**Problem statement**
Once you find the line containing "Start Extension Calculation [instance]" in the data below, copy it and each following line exactly, up to and including the line containing "Beam Material [instance]", and nothing else.

┌──

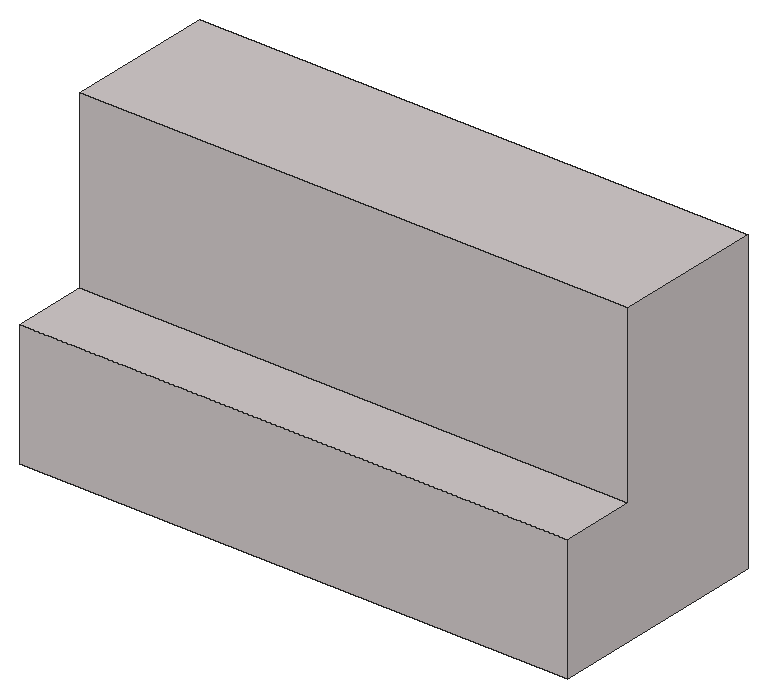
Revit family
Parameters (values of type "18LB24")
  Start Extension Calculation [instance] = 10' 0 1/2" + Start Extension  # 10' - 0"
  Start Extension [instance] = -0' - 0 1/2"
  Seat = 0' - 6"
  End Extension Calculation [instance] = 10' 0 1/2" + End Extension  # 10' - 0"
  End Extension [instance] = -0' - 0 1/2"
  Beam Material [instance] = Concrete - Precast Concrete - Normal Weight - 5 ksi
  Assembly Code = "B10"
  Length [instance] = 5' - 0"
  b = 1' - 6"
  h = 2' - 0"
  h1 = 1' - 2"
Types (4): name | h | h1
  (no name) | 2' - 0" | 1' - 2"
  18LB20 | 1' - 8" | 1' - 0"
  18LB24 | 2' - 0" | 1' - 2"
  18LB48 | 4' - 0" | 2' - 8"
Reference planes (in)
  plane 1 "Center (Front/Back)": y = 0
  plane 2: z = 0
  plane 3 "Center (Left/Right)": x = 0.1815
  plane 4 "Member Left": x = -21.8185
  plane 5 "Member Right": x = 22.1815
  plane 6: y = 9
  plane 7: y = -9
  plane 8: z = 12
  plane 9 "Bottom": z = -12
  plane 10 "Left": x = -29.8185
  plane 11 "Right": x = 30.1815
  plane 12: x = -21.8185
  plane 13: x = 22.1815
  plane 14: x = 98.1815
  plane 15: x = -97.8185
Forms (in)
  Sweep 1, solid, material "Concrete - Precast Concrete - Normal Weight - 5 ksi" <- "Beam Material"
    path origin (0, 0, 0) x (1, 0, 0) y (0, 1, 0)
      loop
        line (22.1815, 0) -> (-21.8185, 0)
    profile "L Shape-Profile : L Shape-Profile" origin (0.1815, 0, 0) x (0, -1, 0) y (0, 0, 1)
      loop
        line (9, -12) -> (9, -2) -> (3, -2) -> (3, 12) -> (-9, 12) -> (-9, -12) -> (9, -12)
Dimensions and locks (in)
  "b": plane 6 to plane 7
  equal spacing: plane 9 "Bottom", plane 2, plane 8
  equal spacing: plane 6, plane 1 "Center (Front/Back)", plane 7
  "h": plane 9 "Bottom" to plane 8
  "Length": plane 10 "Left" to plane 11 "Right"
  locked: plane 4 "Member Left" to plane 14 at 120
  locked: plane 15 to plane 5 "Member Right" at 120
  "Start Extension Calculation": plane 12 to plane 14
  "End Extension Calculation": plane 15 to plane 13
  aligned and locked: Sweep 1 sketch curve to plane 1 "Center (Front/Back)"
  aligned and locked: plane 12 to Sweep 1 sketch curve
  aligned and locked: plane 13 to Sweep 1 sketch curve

└──

**Written answer**
  Start Extension Calculation [instance] = 10' 0 1/2" + Start Extension  # 10' - 0"
  Start Extension [instance] = -0' - 0 1/2"
  Seat = 0' - 6"
  End Extension Calculation [instance] = 10' 0 1/2" + End Extension  # 10' - 0"
  End Extension [instance] = -0' - 0 1/2"
  Beam Material [instance] = Concrete - Precast Concrete - Normal Weight - 5 ksi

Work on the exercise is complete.